→ TASK OBJECTIVE
Copy out each line of the data below in which "under" appears.

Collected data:
BEGIN

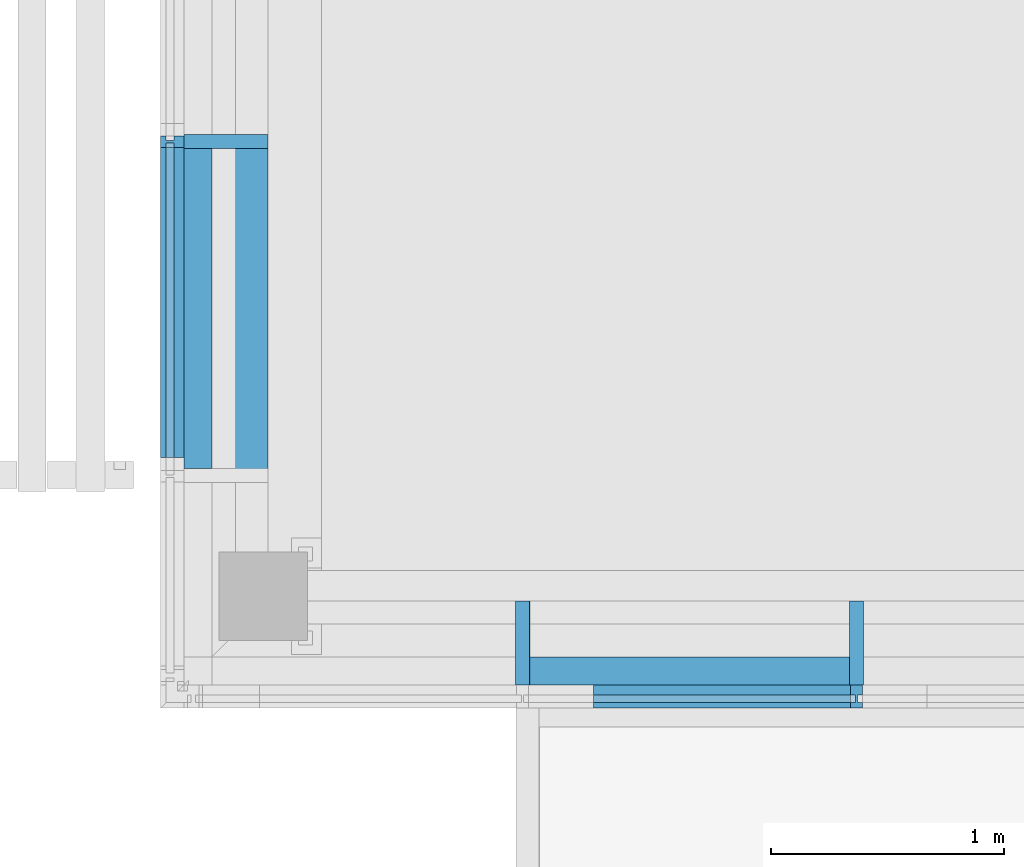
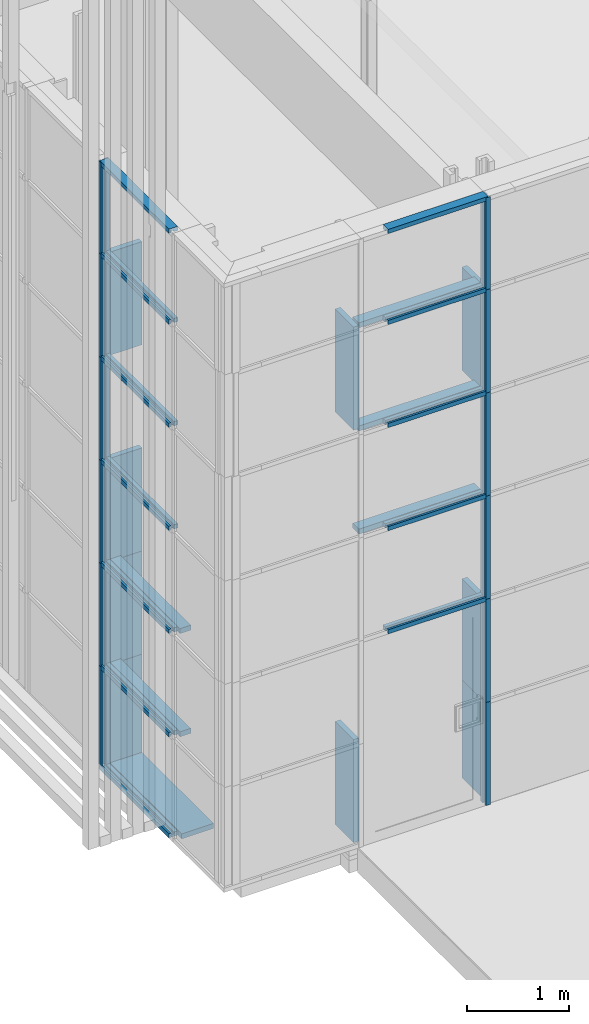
# One storey, part 8 of 260: 39 members, 2 elements without a shape of their own.
"""IFC2X3 building model written with IfcOpenShell, lengths in millimetres."""

from ifc_helpers import new_model, entity, si_unit, converted_unit, derived_unit, money_unit, direction, frame, origin_with_axes, place, context, subcontext, project, spatial, faceted_brep, source, transform, mapped, material, type_object, element, aggregate, save


model = new_model("IFC2X3")

# Units and contexts
model_context = context("Model", 3, precision=0.01, world=origin_with_axes(), true_north=direction((0.0, 1.0)))
body_context = subcontext(model_context, "Body", "Model", "MODEL_VIEW")
ifc_project = project(units=[si_unit("LENGTHUNIT", "METRE", prefix="MILLI"), si_unit("AREAUNIT", "SQUARE_METRE"), si_unit("VOLUMEUNIT", "CUBIC_METRE"), converted_unit("PLANEANGLEUNIT", "DEGREE", entity("IfcPlaneAngleMeasure", 0.0174532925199), si_unit("PLANEANGLEUNIT", "RADIAN"), dimensions=[0, 0, 0, 0, 0, 0, 0]), money_unit("EUR"), converted_unit("TIMEUNIT", "Year", entity("IfcTimeMeasure", 31556926.0), si_unit("TIMEUNIT", "SECOND"), dimensions=[0, 0, 1, 0, 0, 0, 0]), si_unit("MASSUNIT", "GRAM", prefix="KILO"), si_unit("THERMODYNAMICTEMPERATUREUNIT", "DEGREE_CELSIUS"), si_unit("LUMINOUSINTENSITYUNIT", "LUMEN"), si_unit("ENERGYUNIT", "JOULE", prefix="MEGA"), derived_unit("THERMALCONDUCTANCEUNIT", [(si_unit("POWERUNIT", "WATT"), 1), (si_unit("LENGTHUNIT", "METRE"), -1), (si_unit("THERMODYNAMICTEMPERATUREUNIT", "KELVIN"), -1)]), derived_unit("SPECIFICHEATCAPACITYUNIT", [(si_unit("ENERGYUNIT", "JOULE"), 1), (si_unit("MASSUNIT", "GRAM", prefix="KILO"), -1), (si_unit("THERMODYNAMICTEMPERATUREUNIT", "KELVIN"), -1)]), derived_unit("MASSDENSITYUNIT", [(si_unit("MASSUNIT", "GRAM", prefix="KILO"), 1), (si_unit("VOLUMEUNIT", "CUBIC_METRE"), -1)])], contexts=[model_context])

# Site, building, storey
site_placement = place(None, origin_with_axes())
site = spatial("IfcSite", under=ifc_project, at=site_placement, Name="Kolde pst 67a", CompositionType="ELEMENT")
building_placement = place(site_placement, origin_with_axes())
building = spatial("IfcBuilding", under=site, at=building_placement, Name="Riigigümnaasium", CompositionType="ELEMENT")
storey_placement = place(building_placement, origin_with_axes())
storey = spatial("IfcBuildingStorey", under=building, at=storey_placement, Name="1. korrus", CompositionType="ELEMENT", Elevation=0.0)

# Curtain wall, members
curtain_wall_type = type_object("IfcCurtainWallType", Name="Curtain Wall Type", PredefinedType="NOTDEFINED")
curtain_wall_1_placement = place(storey_placement, frame((47829.9854655, 8727.77020058, -0.000749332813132), z_axis=(0.0, 0.0, 1.0), x_axis=(1.0, 0.0, 0.0)))
curtain_wall_1 = element("IfcCurtainWall", 1, at=curtain_wall_1_placement, inside=storey, type_object=curtain_wall_type, Name="KLAASFASSAAD")
ifc_material_1 = material(Name="_METALL - alumiinium")
member_type_1 = type_object("IfcMemberType", Name="Transom Frame 50 x 100", PredefinedType="MEMBER")
shared_shape_1 = source(origin_with_axes(), body_context, "Body", "Brep", [
    faceted_brep([(5.0, -16.5, 1127.09166949), (5.0, 16.5, 1127.09166949), (25.0, 16.5, 1127.09166949), (25.0, 40.0, 1127.09166949), (-25.0, 40.0, 1127.09166949), (-25.0, 16.5, 1127.09166949), (-5.0, 16.5, 1127.09166949), (-5.0, -16.5, 1127.09166949), (-25.0, -16.5, 1127.09166949), (-25.0, -60.0, 1127.09166949), (25.0, -60.0, 1127.09166949), (25.0, -16.5, 1127.09166949), (5.0, -16.5, 25.0), (5.0, 16.5, 25.0), (25.0, 16.5, 25.0), (25.0, 40.0, 25.0), (-25.0, 40.0, 25.0), (-25.0, 16.5, 25.0), (-5.0, 16.5, 25.0), (-5.0, -16.5, 25.0), (-25.0, -16.5, 25.0), (-25.0, -60.0, 25.0), (25.0, -60.0, 25.0), (25.0, -16.5, 25.0)], [[[0, 1, 2, 3, 4, 5, 6, 7, 8, 9, 10, 11]], [[0, 12, 13, 1]], [[1, 13, 14, 2]], [[14, 15, 3, 2]], [[4, 3, 15, 16]], [[17, 5, 4, 16]], [[5, 17, 18, 6]], [[7, 6, 18, 19]], [[8, 7, 19, 20]], [[8, 20, 21, 9]], [[10, 9, 21, 22]], [[11, 10, 22, 23]], [[11, 23, 12, 0]], [[13, 12, 23, 22, 21, 20, 19, 18, 17, 16, 15, 14]]]),
])
member_1_placement = place(curtain_wall_1_placement, frame((2940.65725263, -1457.77089664, 3690.00074933), z_axis=(-1.0, 2.70881142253e-07, 0.0), x_axis=(0.0, 0.0, 1.0)))
member_1 = element("IfcMember", 2, at=member_1_placement, type_object=member_type_1, material=ifc_material_1, Name="RF RAAM HOR-703", ObjectType="MEMBER", context=body_context, shape_type="MappedRepresentation", body=[
    mapped(shared_shape_1, transform((0.0, 0.0, 0.0), x_axis=(-1.0, 0.0, 0.0), y_axis=(0.0, -1.0, 0.0), z_axis=(0.0, 0.0, 1.0))),
])
member_2_placement = place(curtain_wall_1_placement, frame((2940.65725263, -1457.77089664, 4920.00074933), z_axis=(-1.0, 2.70881142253e-07, 0.0), x_axis=(0.0, 0.0, 1.0)))
member_2 = element("IfcMember", 3, at=member_2_placement, type_object=member_type_1, material=ifc_material_1, Name="RF RAAM HOR-684", ObjectType="MEMBER", context=body_context, shape_type="MappedRepresentation", body=[
    mapped(shared_shape_1, transform((0.0, 0.0, 0.0), x_axis=(-1.0, 0.0, 0.0), y_axis=(0.0, -1.0, 0.0), z_axis=(0.0, 0.0, 1.0))),
])
member_3_placement = place(curtain_wall_1_placement, frame((2940.65725263, -1457.77089664, 6150.00074933), z_axis=(-1.0, 2.70881142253e-07, 0.0), x_axis=(0.0, 0.0, 1.0)))
member_3 = element("IfcMember", 4, at=member_3_placement, type_object=member_type_1, material=ifc_material_1, Name="RF RAAM HOR-690", ObjectType="MEMBER", context=body_context, shape_type="MappedRepresentation", body=[
    mapped(shared_shape_1, transform((0.0, 0.0, 0.0), x_axis=(-1.0, 0.0, 0.0), y_axis=(0.0, -1.0, 0.0), z_axis=(0.0, 0.0, 1.0))),
])
member_4_placement = place(curtain_wall_1_placement, frame((2940.65725263, -1457.77089664, 2460.00074933), z_axis=(-1.0, 2.70881142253e-07, 0.0), x_axis=(0.0, 0.0, 1.0)))
member_4 = element("IfcMember", 5, at=member_4_placement, type_object=member_type_1, material=ifc_material_1, Name="RF RAAM HOR-503", ObjectType="MEMBER", context=body_context, shape_type="MappedRepresentation", body=[
    mapped(shared_shape_1, transform((0.0, 0.0, 0.0), x_axis=(-1.0, 0.0, 0.0), y_axis=(0.0, -1.0, 0.0), z_axis=(0.0, 0.0, 1.0))),
])
member_type_2 = type_object("IfcMemberType", Name="Mullion Frame 50 x 100", PredefinedType="MEMBER")
shared_shape_2 = source(origin_with_axes(), body_context, "Body", "Brep", [
    faceted_brep([(5.0, -16.5, 1230.00046362), (5.0, 16.5, 1230.00046362), (25.0, 16.5, 1230.00046362), (25.0, 40.0, 1230.00046362), (-25.0, 40.0, 1230.00046362), (-25.0, 16.5, 1230.00046362), (-5.0, 16.5, 1230.00046362), (-5.0, -16.5, 1230.00046362), (-25.0, -16.5, 1230.00046362), (-25.0, -60.0, 1230.00046362), (25.0, -60.0, 1230.00046362), (25.0, -16.5, 1230.00046362), (5.0, -16.5, 50.0), (5.0, 16.5, 50.0), (25.0, 16.5, 50.0), (25.0, 40.0, 50.0), (-25.0, 40.0, 50.0), (-25.0, 16.5, 50.0), (-5.0, 16.5, 50.0), (-5.0, -16.5, 50.0), (-25.0, -16.5, 50.0), (-25.0, -60.0, 50.0), (25.0, -60.0, 50.0), (25.0, -16.5, 50.0)], [[[0, 1, 2, 3, 4, 5, 6, 7, 8, 9, 10, 11]], [[0, 12, 13, 1]], [[1, 13, 14, 2]], [[14, 15, 3, 2]], [[4, 3, 15, 16]], [[17, 5, 4, 16]], [[5, 17, 18, 6]], [[7, 6, 18, 19]], [[8, 7, 19, 20]], [[8, 20, 21, 9]], [[10, 9, 21, 22]], [[11, 10, 22, 23]], [[11, 23, 12, 0]], [[13, 12, 23, 22, 21, 20, 19, 18, 17, 16, 15, 14]]]),
])
member_5_placement = place(curtain_wall_1_placement, frame((-8.46711145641e-07, 928.791070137, 0.0), z_axis=(0.0, -1.72586103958e-09, 1.0), x_axis=(9.11615455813e-10, -1.0, -1.72586103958e-09)))
member_5 = element("IfcMember", 6, at=member_5_placement, type_object=member_type_2, material=ifc_material_1, Name="RF RAAM VERT-989", ObjectType="MEMBER", context=body_context, shape_type="MappedRepresentation", body=[
    mapped(shared_shape_2, transform((0.0, 0.0, 0.0), x_axis=(-1.0, 0.0, -1.72586103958e-09), y_axis=(0.0, -1.0, 0.0), z_axis=(-1.72586103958e-09, 0.0, 1.0))),
])
shared_shape_3 = source(origin_with_axes(), body_context, "Body", "Brep", [
    faceted_brep([(5.0, -16.5, 1230.0), (5.0, 16.5, 1230.0), (25.0, 16.5, 1230.0), (25.0, 40.0, 1230.0), (-25.0, 40.0, 1230.0), (-25.0, 16.5, 1230.0), (-5.0, 16.5, 1230.0), (-5.0, -16.5, 1230.0), (-25.0, -16.5, 1230.0), (-25.0, -60.0, 1230.0), (25.0, -60.0, 1230.0), (25.0, -16.5, 1230.0), (5.0, -16.5, 0.0), (5.0, 16.5, 0.0), (25.0, 16.5, 0.0), (25.0, 40.0, 0.0), (-25.0, 40.0, 0.0), (-25.0, 16.5, 0.0), (-5.0, 16.5, 0.0), (-5.0, -16.5, 0.0), (-25.0, -16.5, 0.0), (-25.0, -60.0, 0.0), (25.0, -60.0, 0.0), (25.0, -16.5, 0.0)], [[[0, 1, 2, 3, 4, 5, 6, 7, 8, 9, 10, 11]], [[0, 12, 13, 1]], [[1, 13, 14, 2]], [[14, 15, 3, 2]], [[3, 15, 16, 4]], [[17, 5, 4, 16]], [[5, 17, 18, 6]], [[7, 6, 18, 19]], [[8, 7, 19, 20]], [[8, 20, 21, 9]], [[9, 21, 22, 10]], [[11, 10, 22, 23]], [[11, 23, 12, 0]], [[13, 12, 23, 22, 21, 20, 19, 18, 17, 16, 15, 14]]]),
])
member_6_placement = place(curtain_wall_1_placement, frame((-8.46711145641e-07, 928.791068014, 4920.00074933), z_axis=(0.0, 0.0, 1.0), x_axis=(9.11615455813e-10, -1.0, 0.0)))
member_6 = element("IfcMember", 7, at=member_6_placement, type_object=member_type_2, material=ifc_material_1, Name="RF RAAM VERT-868", ObjectType="MEMBER", context=body_context, shape_type="MappedRepresentation", body=[
    mapped(shared_shape_3, transform((0.0, 0.0, 0.0), x_axis=(-1.0, 0.0, 0.0), y_axis=(0.0, -1.0, 0.0), z_axis=(0.0, 0.0, 1.0))),
])
member_7_placement = place(curtain_wall_1_placement, frame((2940.65725263, -1457.77089664, 4920.00074933), z_axis=(0.0, 0.0, 1.0), x_axis=(1.0, -2.70881141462e-07, 0.0)))
member_7 = element("IfcMember", 8, at=member_7_placement, type_object=member_type_2, material=ifc_material_1, Name="RF RAAM VERT-880", ObjectType="MEMBER", context=body_context, shape_type="MappedRepresentation", body=[
    mapped(shared_shape_3, transform((0.0, 0.0, 0.0), x_axis=(-1.0, -2.70881141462e-07, 0.0), y_axis=(2.70881141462e-07, -1.0, 0.0), z_axis=(0.0, 0.0, 1.0))),
])
member_8_placement = place(curtain_wall_1_placement, frame((-8.46711145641e-07, 928.791068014, 1230.00074933), z_axis=(0.0, 0.0, 1.0), x_axis=(9.11615455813e-10, -1.0, 0.0)))
member_8 = element("IfcMember", 9, at=member_8_placement, type_object=member_type_2, material=ifc_material_1, Name="RF RAAM VERT-985", ObjectType="MEMBER", context=body_context, shape_type="MappedRepresentation", body=[
    mapped(shared_shape_3, transform((0.0, 0.0, 0.0), x_axis=(-1.0, 0.0, 0.0), y_axis=(0.0, -1.0, 0.0), z_axis=(0.0, 0.0, 1.0))),
])
member_9_placement = place(curtain_wall_1_placement, frame((-8.46711145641e-07, 928.791068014, 2460.00074933), z_axis=(0.0, 0.0, 1.0), x_axis=(9.11615455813e-10, -1.0, 0.0)))
member_9 = element("IfcMember", 10, at=member_9_placement, type_object=member_type_2, material=ifc_material_1, Name="RF RAAM VERT-986", ObjectType="MEMBER", context=body_context, shape_type="MappedRepresentation", body=[
    mapped(shared_shape_3, transform((0.0, 0.0, 0.0), x_axis=(-1.0, 0.0, 0.0), y_axis=(0.0, -1.0, 0.0), z_axis=(0.0, 0.0, 1.0))),
])
member_10_placement = place(curtain_wall_1_placement, frame((-8.46711145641e-07, 928.791068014, 3690.00074933), z_axis=(0.0, 0.0, 1.0), x_axis=(9.11615455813e-10, -1.0, 0.0)))
member_10 = element("IfcMember", 11, at=member_10_placement, type_object=member_type_2, material=ifc_material_1, Name="RF RAAM VERT-987", ObjectType="MEMBER", context=body_context, shape_type="MappedRepresentation", body=[
    mapped(shared_shape_3, transform((0.0, 0.0, 0.0), x_axis=(-1.0, 0.0, 0.0), y_axis=(0.0, -1.0, 0.0), z_axis=(0.0, 0.0, 1.0))),
])
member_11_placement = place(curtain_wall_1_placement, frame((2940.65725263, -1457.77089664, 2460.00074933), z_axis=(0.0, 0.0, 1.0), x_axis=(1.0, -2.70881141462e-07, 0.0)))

END

→ ANSWER
site = spatial("IfcSite", under=ifc_project, at=site_placement, Name="Kolde pst 67a", CompositionType="ELEMENT")
building = spatial("IfcBuilding", under=site, at=building_placement, Name="Riigigümnaasium", CompositionType="ELEMENT")
storey = spatial("IfcBuildingStorey", under=building, at=storey_placement, Name="1. korrus", CompositionType="ELEMENT", Elevation=0.0)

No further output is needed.